12 thoughts on “First They Came For The Lemonade Stands”

  1. To be fair, the incident in Iowa revolves around a local 2-day ban on unlicensed vendors as a part of a state-wide week-long beer ru-, er, bike ride.

    And the story about it that actually made it onto the local news was about a 4 year-old who was allegedly “running” her own stand, even though she could barely speak in complete sentences or actually pour a drink into a glass without dumping the entire glass or pitcher over. Her father is a local politician who set the whole thing up to get publicity for his upcoming campaign.

    At least the kids in DC were actually running the stand themselves, and understood what they were doing. The kids in Iowa were all pawns of their parents, trying to get their 15 minutes on local TV.

  2. I have yet to see the regulatory nanny-state described by the more classically descriptive term, aka the other F-bomb. Hint: Fascism isn’t 60’s hippiespeak for ‘I don’t like you’ much as they wished it to be so.
    Can a constitutional republic be a fascist state? It seems that we have more and more evidence in the affirmative.

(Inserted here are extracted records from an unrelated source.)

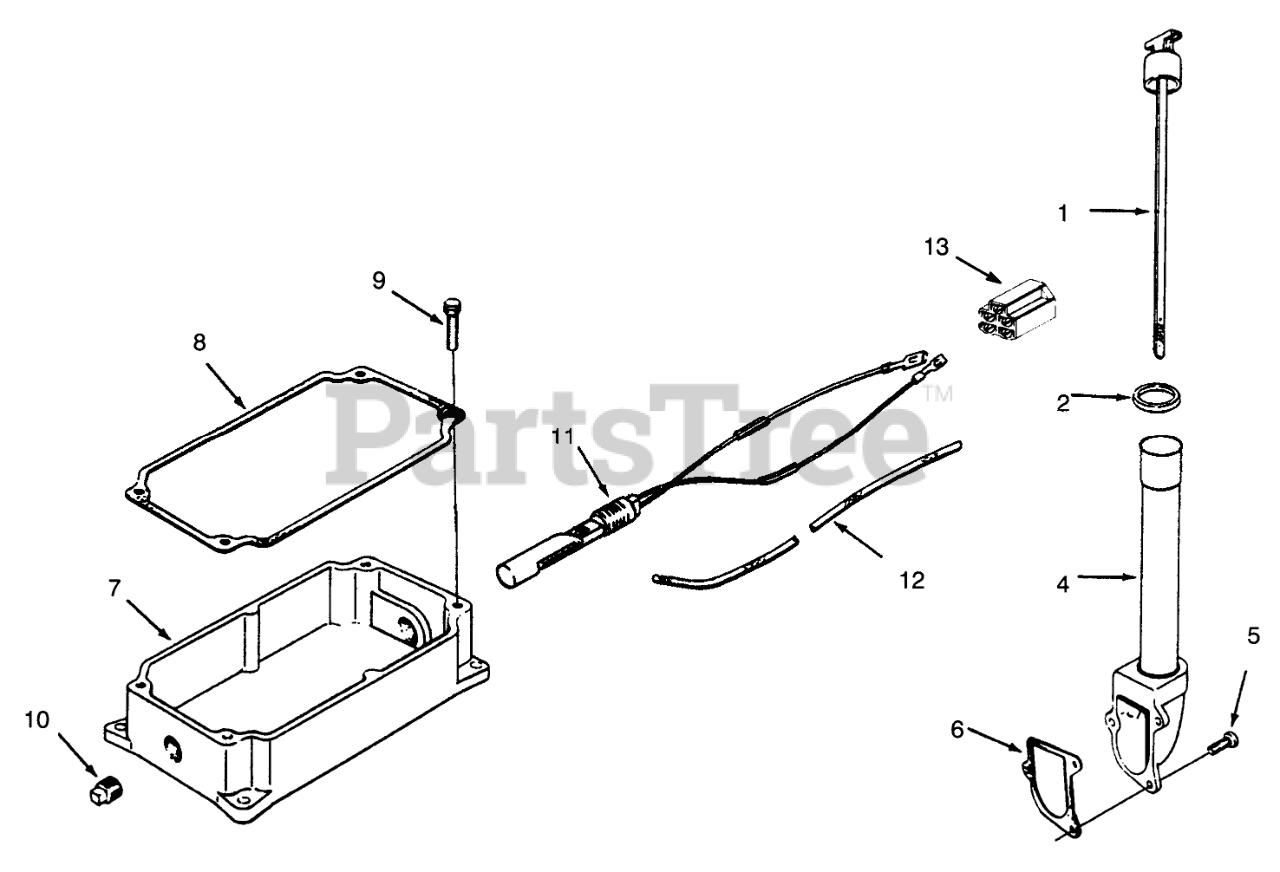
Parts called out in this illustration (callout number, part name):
1	Dipstick
2	0-Ring
4	Adapter-Oil Fill
5	Screw
6	Gasket
7	Oil Pan
8	Gasket
9	Screw
11	Kit-Float Switch (Incl. Ref.#12 & Decal)
12	Sleeve
13	Connector

  3. Unlicensed cheese? What’s next? Kids running through sprinklers during a drought? Leaving your house without the proper government approved protective clothing? We need more swat teams. There couldn’t possibly be enough. More stimulus!

    Just got off the phone with my ex. She wanted my opinion on the debt deal. I gave my little rant about spending. She asked, what about revenue? I told her it doesn’t matter what the tax rate is. Revenue is going to be about 18% of GDP no matter. So revenue only goes up if GDP goes up. We have plenty of money, but nobody is going to risk any of it until Obama is out of office. She’s starting to believe. Now if only we could get on the same wave regarding Putin.

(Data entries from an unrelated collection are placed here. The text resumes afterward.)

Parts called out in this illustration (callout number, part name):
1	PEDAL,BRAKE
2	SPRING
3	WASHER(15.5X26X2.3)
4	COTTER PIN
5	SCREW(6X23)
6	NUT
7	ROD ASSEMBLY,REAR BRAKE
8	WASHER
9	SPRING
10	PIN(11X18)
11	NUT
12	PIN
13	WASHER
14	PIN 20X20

    Perhaps we should issue uzis to cute little lemonade stand vendors? Shorten horror movies… Monster breaks in front door… homeowner wastes them with a rocket launcher. Break for commercial.

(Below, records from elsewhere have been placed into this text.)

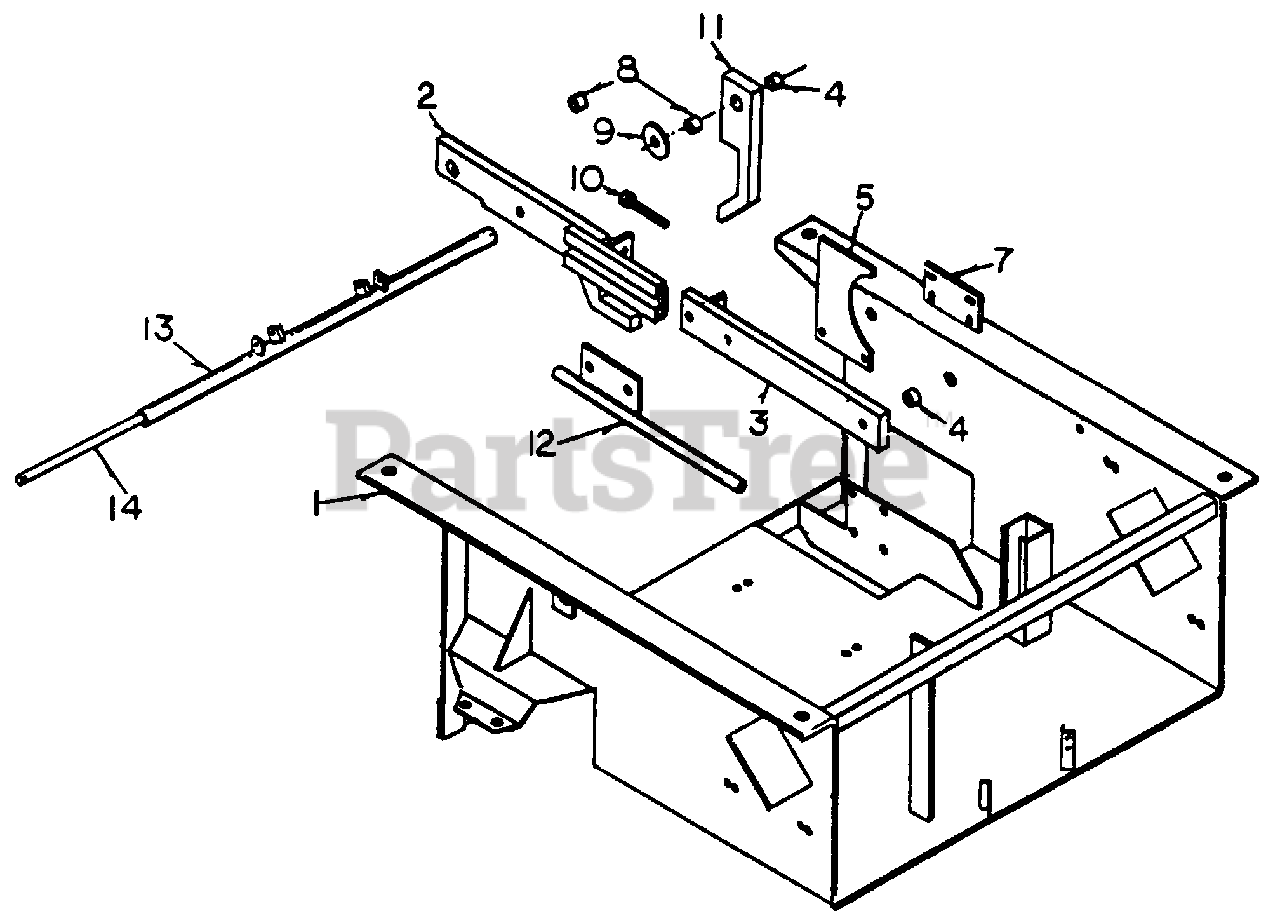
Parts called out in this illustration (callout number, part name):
1	Base
2	RH Deck Lift Arm, Front RH
3	Deck Lift Arm, Back
4	Bushlng, Short
5	Belt Retainer
7	Belt Retainer Mount
8	Bushing, Long
10	Deck Belt Adjustment Bolt
11	Forward Nose Down Lock
14	Crss Bar Pin

    Swat team breaks into wrong house without warrant… homeowner (busty blond in bikini) wastes them with rocket launcher. Break for commercial.

    Ahnuld the governator breaks in front door… homeowner burns his skin off with flamethrower revealing metal skeleton. Suddenly Arnulds acting skills improve (he seems less wooden as a metal skeleton.) Break for commercial.

  4. Ran into this in a small way: Because we have data under ITAR control, we can’t export a database and send it to the vendor for them to inspect. We don’t know if a given engineer at BigDBCompany is ITAR compliant.

    Same problem with having them remote logon.

    So – ahha – scrub the ITAR data and then send it to them. This takes time. Also: some of the problems are related to the data: the odds are good we’re scrubbing away the problem that we’re trying to fix.

    We’ve been going round and round to get this fixed. It’s been a month, and the problems, minor enough, are piling up like flies.

  5. They make enough laws and we’ll come full circle. We’ll all be lawbreakers no matter what we do so we’ll all just ignore the laws.

  6. ken anthony Says:

    August 4th, 2011 at 6:57 am
    They make enough laws and we’ll come full circle. We’ll all be lawbreakers no matter what we do so we’ll all just ignore the laws.

    According to some people, this is already the case.

    Technology moves so quickly we can barely keep up, and our legal system moves so slowly it can’t keep up with itself. By design, the law is built up over time by court decisions, statutes and regulations. Sometimes even criminal laws are left vague, to be defined case by case. Technology exacerbates the problem of laws so open and vague that they are hard to abide by, to the point that we have all become potential criminals.

    Boston civil-liberties lawyer Harvey Silverglate calls his new book “Three Felonies a Day,” referring to the number of crimes he estimates the average American now unwittingly commits because of vague laws. New technology adds its own complexity, making innocent activity potentially criminal.

    Mr. Silverglate describes several cases in which prosecutors didn’t understand or didn’t want to understand technology. This problem is compounded by a trend that has accelerated since the 1980s for prosecutors to abandon the principle that there can’t be a crime without criminal intent.